### Task details
What should you transcribe? Every line from the top of the records below through the line with "doc.units = 0", exactly, and no pictures.

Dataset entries
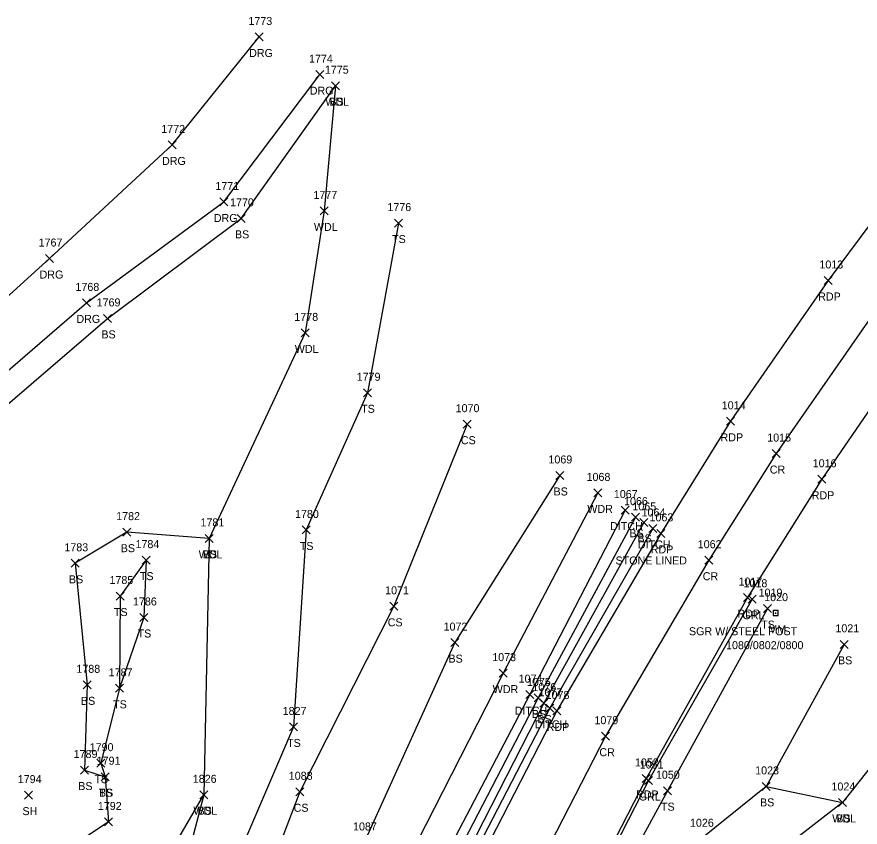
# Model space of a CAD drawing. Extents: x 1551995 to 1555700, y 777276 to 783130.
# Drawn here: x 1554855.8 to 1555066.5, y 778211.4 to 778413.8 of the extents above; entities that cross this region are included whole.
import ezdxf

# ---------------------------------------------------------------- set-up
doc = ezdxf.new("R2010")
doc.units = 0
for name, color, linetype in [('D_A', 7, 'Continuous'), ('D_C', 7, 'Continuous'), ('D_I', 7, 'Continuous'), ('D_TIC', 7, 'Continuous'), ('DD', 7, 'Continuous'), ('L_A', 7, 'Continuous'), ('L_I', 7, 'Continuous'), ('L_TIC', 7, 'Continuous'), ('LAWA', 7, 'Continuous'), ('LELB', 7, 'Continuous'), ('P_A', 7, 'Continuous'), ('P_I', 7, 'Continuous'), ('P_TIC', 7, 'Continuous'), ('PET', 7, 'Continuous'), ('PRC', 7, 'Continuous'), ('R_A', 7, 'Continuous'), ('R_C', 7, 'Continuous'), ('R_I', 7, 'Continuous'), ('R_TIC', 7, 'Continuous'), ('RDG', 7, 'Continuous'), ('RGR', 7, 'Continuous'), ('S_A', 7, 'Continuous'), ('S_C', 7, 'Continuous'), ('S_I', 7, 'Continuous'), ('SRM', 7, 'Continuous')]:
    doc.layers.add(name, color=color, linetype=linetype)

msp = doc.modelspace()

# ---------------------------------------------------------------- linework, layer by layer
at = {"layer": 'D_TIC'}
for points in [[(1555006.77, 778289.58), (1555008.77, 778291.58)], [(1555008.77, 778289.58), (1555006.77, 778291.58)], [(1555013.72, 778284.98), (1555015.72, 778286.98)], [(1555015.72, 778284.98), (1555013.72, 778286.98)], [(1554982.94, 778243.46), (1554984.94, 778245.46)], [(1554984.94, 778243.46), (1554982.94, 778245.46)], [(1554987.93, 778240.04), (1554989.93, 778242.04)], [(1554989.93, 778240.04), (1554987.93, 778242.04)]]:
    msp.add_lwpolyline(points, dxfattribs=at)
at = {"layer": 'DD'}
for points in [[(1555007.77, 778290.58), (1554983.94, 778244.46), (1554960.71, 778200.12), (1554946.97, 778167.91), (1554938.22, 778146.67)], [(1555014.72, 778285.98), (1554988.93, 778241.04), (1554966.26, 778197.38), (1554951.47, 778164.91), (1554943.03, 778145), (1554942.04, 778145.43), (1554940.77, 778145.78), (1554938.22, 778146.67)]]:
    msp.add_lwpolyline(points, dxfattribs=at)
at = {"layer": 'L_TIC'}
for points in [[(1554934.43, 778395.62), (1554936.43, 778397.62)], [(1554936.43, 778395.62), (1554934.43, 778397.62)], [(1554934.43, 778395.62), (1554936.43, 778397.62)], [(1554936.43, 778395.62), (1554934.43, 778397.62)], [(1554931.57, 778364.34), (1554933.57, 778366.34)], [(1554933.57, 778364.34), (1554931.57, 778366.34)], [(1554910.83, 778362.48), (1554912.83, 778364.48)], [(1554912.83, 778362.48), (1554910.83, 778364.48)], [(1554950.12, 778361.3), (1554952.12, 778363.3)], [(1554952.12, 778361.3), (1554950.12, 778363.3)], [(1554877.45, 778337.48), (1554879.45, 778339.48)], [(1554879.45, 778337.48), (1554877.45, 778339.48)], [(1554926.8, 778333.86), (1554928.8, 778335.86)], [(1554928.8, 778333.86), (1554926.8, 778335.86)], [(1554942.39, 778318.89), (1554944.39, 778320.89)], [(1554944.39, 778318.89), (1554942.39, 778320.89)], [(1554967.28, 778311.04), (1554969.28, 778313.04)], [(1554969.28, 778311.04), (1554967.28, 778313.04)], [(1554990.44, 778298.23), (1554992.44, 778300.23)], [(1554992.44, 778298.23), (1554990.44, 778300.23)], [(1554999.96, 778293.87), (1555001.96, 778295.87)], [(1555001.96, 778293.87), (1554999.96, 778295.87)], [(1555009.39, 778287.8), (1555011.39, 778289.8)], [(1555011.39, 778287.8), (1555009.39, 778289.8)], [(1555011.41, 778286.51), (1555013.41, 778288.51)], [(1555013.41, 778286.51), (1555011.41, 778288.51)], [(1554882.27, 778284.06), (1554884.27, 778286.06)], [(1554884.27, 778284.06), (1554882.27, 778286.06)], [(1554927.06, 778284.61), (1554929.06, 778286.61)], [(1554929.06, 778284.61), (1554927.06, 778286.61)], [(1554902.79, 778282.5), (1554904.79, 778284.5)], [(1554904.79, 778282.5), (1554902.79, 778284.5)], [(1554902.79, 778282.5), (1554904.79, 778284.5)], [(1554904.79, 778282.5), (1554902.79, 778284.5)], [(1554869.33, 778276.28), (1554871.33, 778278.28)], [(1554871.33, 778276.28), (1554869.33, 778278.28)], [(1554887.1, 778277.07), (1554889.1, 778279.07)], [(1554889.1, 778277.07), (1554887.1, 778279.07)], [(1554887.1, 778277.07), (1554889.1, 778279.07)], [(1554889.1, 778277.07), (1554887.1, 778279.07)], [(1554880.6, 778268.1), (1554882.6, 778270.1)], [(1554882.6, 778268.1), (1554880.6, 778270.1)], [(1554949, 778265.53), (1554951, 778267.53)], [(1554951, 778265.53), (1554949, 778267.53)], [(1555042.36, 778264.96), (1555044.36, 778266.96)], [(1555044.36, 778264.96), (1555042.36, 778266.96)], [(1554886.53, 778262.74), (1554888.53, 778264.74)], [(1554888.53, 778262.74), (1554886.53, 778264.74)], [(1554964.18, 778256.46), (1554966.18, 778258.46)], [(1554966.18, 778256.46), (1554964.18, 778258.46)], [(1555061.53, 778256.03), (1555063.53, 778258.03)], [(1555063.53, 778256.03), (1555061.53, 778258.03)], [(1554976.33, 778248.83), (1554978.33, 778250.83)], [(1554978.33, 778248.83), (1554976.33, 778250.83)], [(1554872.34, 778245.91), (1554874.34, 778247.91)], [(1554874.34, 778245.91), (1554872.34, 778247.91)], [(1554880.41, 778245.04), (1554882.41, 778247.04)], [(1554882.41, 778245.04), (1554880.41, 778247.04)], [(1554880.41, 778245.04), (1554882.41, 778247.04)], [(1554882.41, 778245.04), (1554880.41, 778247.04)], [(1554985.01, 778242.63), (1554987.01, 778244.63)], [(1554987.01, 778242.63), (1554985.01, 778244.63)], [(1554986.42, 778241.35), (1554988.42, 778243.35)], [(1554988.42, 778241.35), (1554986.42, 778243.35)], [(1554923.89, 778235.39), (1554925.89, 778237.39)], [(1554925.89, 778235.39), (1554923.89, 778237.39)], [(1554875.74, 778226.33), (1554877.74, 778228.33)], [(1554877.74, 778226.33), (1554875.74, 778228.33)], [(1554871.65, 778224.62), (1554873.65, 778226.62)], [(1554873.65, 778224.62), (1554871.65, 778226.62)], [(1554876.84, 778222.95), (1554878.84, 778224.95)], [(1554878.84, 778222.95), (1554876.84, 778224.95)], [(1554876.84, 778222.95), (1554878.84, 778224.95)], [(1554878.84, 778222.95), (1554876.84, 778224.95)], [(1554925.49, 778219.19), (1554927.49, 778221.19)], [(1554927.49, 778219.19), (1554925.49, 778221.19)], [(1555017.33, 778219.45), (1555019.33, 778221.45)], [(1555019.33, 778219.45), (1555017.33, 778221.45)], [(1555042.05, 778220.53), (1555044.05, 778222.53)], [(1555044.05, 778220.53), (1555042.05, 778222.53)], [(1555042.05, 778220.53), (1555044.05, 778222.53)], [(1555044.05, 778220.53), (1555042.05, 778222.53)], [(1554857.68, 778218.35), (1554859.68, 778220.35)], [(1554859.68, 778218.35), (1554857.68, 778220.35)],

### Solution below
# Model space of a CAD drawing. Extents: x 1551995 to 1555700, y 777276 to 783130.
# Drawn here: x 1554855.8 to 1555066.5, y 778211.4 to 778413.8 of the extents above; entities that cross this region are included whole.
import ezdxf

# ---------------------------------------------------------------- set-up
doc = ezdxf.new("R2010")
doc.units = 0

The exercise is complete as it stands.